Material for this exercise Start Marker

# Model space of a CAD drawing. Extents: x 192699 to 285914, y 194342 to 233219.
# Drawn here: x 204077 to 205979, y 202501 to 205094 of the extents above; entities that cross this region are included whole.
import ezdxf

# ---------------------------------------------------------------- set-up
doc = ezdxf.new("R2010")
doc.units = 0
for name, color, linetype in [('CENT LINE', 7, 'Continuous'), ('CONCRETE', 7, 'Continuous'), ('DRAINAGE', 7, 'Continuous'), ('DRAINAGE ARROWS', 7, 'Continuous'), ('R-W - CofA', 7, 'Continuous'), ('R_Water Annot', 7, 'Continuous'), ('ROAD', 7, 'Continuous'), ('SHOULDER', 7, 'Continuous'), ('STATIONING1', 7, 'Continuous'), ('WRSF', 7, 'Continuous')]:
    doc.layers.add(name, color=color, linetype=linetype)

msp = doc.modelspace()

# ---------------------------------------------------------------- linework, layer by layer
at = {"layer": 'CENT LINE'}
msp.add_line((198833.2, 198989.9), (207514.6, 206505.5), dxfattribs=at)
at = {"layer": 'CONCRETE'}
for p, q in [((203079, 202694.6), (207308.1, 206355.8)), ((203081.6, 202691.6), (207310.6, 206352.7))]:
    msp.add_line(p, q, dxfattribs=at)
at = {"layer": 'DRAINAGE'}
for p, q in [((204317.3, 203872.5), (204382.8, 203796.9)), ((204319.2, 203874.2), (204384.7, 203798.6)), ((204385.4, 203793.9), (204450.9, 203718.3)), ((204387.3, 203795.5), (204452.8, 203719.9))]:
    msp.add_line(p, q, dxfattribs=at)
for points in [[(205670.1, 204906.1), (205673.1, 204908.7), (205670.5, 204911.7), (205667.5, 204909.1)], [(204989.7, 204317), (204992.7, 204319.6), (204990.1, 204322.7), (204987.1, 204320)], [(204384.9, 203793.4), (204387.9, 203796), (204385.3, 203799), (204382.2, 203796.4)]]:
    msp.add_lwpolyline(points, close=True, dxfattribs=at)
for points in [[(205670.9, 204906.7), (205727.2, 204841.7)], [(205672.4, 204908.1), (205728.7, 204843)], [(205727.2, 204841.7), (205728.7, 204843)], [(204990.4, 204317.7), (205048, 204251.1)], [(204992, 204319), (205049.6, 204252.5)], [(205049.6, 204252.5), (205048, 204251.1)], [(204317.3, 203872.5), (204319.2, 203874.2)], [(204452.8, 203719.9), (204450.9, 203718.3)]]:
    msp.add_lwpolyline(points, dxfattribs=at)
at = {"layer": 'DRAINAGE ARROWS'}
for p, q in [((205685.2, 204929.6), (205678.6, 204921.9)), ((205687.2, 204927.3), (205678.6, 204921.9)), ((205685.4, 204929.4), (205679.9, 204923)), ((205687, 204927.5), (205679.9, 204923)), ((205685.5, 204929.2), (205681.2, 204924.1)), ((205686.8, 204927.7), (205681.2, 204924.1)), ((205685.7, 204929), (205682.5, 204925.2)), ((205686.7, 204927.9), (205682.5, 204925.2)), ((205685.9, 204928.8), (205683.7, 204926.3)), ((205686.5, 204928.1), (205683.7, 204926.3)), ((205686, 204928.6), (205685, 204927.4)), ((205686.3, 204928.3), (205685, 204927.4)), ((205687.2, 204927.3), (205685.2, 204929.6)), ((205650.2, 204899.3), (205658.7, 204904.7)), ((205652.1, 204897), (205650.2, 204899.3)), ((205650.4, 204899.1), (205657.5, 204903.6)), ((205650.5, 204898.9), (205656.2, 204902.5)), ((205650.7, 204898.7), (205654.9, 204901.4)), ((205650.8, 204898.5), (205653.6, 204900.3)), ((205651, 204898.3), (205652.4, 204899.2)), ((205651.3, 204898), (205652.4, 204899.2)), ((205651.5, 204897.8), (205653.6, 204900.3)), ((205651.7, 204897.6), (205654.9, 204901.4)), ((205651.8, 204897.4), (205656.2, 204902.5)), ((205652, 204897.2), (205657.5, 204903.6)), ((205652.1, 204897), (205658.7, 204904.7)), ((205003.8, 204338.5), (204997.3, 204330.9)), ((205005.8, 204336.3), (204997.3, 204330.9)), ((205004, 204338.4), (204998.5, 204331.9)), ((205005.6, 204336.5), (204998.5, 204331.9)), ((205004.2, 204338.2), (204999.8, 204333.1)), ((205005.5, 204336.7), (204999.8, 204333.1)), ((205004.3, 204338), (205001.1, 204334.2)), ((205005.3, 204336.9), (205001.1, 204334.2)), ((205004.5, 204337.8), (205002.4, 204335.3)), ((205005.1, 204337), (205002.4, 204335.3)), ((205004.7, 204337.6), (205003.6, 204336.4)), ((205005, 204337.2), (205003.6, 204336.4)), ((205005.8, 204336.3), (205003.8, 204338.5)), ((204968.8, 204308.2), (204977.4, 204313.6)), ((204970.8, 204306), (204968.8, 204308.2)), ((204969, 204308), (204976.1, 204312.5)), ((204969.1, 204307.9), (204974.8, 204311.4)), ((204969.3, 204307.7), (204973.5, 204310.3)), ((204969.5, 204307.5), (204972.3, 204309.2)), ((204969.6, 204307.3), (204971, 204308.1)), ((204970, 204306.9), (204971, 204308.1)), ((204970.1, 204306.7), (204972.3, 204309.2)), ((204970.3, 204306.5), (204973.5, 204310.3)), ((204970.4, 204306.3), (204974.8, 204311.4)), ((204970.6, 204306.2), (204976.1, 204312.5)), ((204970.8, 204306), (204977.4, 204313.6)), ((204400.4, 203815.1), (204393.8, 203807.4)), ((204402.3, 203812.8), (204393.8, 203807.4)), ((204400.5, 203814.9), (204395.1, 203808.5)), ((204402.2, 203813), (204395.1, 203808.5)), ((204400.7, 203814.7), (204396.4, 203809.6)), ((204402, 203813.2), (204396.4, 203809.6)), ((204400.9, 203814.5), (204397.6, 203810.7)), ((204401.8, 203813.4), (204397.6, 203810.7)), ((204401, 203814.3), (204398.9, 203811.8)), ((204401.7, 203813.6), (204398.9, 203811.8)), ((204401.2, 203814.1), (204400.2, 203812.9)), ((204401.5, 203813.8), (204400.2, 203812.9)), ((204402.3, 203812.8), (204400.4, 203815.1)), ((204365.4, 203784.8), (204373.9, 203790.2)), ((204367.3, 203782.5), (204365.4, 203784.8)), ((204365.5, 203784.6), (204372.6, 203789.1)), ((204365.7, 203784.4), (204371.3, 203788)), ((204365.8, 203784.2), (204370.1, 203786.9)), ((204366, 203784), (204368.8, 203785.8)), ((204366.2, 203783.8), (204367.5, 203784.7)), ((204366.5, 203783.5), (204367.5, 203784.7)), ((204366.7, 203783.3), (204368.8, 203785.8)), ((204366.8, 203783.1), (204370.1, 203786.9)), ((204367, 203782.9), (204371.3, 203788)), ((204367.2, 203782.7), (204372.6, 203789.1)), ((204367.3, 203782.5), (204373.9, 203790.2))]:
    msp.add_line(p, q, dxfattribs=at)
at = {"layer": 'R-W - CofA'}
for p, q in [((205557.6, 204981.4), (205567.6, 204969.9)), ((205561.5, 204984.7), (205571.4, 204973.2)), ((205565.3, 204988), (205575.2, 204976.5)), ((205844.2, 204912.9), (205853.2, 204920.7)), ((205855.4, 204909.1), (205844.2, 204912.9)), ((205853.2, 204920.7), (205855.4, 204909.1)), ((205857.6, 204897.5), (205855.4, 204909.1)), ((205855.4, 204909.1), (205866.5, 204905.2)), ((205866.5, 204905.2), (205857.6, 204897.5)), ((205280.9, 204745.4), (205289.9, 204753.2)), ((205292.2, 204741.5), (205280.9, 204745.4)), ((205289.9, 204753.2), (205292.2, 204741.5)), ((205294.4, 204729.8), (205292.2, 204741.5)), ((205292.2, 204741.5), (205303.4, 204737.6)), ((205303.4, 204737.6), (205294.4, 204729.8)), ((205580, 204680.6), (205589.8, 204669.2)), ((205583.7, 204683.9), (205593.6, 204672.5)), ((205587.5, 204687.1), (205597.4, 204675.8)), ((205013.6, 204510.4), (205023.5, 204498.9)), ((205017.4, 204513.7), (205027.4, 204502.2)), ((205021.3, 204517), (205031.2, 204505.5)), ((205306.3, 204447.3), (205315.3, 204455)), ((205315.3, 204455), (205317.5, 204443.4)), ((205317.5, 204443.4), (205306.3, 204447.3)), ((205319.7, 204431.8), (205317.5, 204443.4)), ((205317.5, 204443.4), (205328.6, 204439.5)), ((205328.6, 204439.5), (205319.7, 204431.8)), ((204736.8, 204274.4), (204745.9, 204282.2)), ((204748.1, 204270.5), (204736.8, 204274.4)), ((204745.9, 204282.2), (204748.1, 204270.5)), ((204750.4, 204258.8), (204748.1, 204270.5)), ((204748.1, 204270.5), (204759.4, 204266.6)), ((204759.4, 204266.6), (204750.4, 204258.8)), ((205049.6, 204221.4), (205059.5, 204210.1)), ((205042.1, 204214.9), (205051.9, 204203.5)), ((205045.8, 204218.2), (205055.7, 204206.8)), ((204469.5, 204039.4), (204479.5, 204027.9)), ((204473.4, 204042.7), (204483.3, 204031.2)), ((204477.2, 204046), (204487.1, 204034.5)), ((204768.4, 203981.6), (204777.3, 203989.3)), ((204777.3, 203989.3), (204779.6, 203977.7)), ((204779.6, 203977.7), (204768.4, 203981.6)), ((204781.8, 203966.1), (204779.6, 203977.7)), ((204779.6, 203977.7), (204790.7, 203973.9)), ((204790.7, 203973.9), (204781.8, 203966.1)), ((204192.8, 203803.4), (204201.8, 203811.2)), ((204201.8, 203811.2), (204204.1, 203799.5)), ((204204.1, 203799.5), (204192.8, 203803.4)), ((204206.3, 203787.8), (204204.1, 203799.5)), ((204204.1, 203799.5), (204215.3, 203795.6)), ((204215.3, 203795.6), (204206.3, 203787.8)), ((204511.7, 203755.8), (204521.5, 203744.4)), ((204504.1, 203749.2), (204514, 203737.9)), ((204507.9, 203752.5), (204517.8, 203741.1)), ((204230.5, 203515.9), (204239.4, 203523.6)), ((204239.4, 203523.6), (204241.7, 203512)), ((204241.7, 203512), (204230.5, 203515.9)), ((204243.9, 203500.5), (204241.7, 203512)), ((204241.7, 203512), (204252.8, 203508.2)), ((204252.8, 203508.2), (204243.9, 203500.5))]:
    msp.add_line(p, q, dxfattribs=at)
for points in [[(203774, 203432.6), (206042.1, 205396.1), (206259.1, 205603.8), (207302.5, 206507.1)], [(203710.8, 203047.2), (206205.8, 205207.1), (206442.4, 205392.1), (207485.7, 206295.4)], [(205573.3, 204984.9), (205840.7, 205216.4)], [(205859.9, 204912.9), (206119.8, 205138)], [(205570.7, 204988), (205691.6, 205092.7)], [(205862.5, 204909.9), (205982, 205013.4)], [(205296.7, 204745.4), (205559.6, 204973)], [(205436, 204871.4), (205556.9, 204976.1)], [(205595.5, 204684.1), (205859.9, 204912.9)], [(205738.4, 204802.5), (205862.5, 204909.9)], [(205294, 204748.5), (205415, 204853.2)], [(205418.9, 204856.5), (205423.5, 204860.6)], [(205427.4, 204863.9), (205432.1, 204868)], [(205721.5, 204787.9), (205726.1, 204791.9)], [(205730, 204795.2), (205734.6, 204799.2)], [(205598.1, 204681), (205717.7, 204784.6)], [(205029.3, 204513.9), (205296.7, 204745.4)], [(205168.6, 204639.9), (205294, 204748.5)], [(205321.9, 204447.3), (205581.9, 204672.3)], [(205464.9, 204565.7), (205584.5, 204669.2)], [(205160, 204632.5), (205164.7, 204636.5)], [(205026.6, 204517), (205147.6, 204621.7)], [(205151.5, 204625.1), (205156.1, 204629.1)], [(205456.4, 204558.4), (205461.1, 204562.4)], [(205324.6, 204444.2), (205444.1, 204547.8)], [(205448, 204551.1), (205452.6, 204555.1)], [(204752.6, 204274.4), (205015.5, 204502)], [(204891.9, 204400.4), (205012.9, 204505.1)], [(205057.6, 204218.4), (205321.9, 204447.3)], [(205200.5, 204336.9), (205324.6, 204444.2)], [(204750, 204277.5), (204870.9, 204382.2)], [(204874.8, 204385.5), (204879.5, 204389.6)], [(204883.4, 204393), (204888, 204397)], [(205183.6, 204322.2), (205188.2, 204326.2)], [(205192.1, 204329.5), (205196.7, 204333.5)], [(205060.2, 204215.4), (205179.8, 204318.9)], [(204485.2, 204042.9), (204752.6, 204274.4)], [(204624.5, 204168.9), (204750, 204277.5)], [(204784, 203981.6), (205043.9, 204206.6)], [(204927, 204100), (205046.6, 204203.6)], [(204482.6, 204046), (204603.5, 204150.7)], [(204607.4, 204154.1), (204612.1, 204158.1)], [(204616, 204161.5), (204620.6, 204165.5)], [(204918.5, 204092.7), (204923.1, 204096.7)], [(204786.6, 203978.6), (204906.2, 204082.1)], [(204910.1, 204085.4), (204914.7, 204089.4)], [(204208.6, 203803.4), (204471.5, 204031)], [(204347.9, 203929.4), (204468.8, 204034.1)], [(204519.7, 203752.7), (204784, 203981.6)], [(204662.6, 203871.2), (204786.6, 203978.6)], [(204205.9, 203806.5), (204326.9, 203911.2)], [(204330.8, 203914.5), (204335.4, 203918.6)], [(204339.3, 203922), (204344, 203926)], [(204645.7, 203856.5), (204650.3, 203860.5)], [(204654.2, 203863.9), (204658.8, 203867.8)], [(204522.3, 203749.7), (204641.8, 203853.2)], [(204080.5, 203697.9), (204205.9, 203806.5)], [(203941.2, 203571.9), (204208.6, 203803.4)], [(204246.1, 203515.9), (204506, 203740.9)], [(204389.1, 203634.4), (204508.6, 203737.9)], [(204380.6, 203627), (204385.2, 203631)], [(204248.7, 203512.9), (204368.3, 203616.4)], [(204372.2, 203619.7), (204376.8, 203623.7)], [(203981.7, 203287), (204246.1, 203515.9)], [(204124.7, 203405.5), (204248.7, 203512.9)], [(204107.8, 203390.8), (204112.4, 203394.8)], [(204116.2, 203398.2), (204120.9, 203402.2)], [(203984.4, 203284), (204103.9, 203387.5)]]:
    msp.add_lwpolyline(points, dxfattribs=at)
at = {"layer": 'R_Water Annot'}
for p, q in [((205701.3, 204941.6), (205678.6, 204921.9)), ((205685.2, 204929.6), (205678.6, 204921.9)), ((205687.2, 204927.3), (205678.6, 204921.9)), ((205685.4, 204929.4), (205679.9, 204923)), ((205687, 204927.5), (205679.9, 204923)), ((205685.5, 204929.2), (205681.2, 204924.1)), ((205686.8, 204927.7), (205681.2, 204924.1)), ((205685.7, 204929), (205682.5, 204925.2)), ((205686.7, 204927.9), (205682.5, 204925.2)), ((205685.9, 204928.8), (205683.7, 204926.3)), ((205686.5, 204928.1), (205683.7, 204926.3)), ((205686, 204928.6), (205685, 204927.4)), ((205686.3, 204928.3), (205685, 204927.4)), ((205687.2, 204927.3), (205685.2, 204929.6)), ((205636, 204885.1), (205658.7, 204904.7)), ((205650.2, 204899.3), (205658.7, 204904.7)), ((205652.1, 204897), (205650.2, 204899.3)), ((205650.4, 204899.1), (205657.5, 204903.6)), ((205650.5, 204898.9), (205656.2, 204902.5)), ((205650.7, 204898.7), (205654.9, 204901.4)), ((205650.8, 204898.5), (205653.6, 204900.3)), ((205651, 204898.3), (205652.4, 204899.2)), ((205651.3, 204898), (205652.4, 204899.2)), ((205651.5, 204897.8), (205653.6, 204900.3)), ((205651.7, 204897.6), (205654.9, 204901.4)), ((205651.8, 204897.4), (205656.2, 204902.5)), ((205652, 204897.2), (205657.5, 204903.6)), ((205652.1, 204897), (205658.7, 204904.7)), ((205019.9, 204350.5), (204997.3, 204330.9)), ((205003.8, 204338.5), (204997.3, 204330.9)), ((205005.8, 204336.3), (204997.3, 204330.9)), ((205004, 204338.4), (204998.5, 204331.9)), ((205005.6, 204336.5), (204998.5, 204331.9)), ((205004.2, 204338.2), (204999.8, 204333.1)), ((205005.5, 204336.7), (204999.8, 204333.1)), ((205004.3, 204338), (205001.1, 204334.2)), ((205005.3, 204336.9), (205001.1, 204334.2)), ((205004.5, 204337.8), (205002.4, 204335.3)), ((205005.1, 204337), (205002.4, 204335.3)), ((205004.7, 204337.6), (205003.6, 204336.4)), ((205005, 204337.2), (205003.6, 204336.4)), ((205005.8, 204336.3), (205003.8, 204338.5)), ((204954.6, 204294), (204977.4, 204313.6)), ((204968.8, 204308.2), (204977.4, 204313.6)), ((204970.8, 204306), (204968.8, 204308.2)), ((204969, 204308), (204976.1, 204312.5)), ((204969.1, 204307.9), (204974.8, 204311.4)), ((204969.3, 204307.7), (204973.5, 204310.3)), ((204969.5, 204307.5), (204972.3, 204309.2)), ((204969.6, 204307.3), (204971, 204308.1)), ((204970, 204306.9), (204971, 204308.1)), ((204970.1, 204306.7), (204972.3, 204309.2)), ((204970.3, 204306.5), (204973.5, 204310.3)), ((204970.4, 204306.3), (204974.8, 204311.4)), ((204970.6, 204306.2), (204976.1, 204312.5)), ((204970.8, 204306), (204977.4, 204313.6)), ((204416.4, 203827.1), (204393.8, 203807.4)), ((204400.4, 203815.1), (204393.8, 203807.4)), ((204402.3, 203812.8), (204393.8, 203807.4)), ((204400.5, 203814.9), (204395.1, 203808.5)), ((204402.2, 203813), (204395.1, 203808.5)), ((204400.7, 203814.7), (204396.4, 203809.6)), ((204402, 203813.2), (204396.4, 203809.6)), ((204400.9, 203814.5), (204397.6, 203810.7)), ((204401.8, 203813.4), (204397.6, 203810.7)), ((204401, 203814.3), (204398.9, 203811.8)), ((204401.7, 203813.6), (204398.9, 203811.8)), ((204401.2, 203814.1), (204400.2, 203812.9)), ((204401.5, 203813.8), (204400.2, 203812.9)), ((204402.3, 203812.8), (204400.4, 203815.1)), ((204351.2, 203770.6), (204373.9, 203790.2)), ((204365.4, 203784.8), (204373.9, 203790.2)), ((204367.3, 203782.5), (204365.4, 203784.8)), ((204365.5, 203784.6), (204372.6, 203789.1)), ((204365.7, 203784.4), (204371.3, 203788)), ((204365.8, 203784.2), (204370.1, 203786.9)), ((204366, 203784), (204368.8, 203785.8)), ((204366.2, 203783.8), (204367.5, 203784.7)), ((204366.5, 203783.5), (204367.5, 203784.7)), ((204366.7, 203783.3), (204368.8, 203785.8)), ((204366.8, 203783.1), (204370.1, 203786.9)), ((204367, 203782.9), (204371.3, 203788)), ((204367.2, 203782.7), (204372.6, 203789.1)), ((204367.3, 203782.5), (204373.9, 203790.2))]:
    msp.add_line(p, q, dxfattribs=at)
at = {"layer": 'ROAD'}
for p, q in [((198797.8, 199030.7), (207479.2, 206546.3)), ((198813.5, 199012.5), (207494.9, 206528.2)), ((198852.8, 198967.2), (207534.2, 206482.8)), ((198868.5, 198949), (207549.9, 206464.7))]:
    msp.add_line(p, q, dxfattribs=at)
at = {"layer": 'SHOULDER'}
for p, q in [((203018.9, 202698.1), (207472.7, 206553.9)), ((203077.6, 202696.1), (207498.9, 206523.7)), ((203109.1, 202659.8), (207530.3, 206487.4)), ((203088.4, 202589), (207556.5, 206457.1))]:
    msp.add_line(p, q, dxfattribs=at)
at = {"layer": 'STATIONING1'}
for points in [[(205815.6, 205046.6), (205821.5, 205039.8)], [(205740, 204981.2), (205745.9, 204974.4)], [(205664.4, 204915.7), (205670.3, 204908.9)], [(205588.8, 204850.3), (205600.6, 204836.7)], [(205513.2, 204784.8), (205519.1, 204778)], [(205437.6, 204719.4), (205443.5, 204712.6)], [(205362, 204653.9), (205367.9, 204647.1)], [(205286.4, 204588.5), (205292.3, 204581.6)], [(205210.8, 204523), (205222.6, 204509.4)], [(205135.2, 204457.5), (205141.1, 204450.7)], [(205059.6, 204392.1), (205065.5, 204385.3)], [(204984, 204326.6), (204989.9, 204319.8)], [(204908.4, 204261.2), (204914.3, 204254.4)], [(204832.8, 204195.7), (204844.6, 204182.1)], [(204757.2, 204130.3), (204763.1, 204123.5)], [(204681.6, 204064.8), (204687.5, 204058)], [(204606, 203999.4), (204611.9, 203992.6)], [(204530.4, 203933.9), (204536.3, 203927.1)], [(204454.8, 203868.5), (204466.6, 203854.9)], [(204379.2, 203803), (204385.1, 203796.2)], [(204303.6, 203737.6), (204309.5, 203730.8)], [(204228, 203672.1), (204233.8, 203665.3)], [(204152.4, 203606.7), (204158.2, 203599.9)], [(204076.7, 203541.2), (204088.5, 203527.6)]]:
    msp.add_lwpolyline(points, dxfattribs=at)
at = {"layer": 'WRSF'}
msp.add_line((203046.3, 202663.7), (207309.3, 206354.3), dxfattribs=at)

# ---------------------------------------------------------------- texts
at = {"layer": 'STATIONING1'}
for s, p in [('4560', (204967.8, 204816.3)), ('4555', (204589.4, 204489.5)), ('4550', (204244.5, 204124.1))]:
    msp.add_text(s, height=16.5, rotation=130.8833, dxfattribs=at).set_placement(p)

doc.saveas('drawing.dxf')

Material for this exercise End Marker

● **Task to complete**
In the data above, how many lines hold the string "linetype"? Give the number by itself.

● **Response to this exercise**
2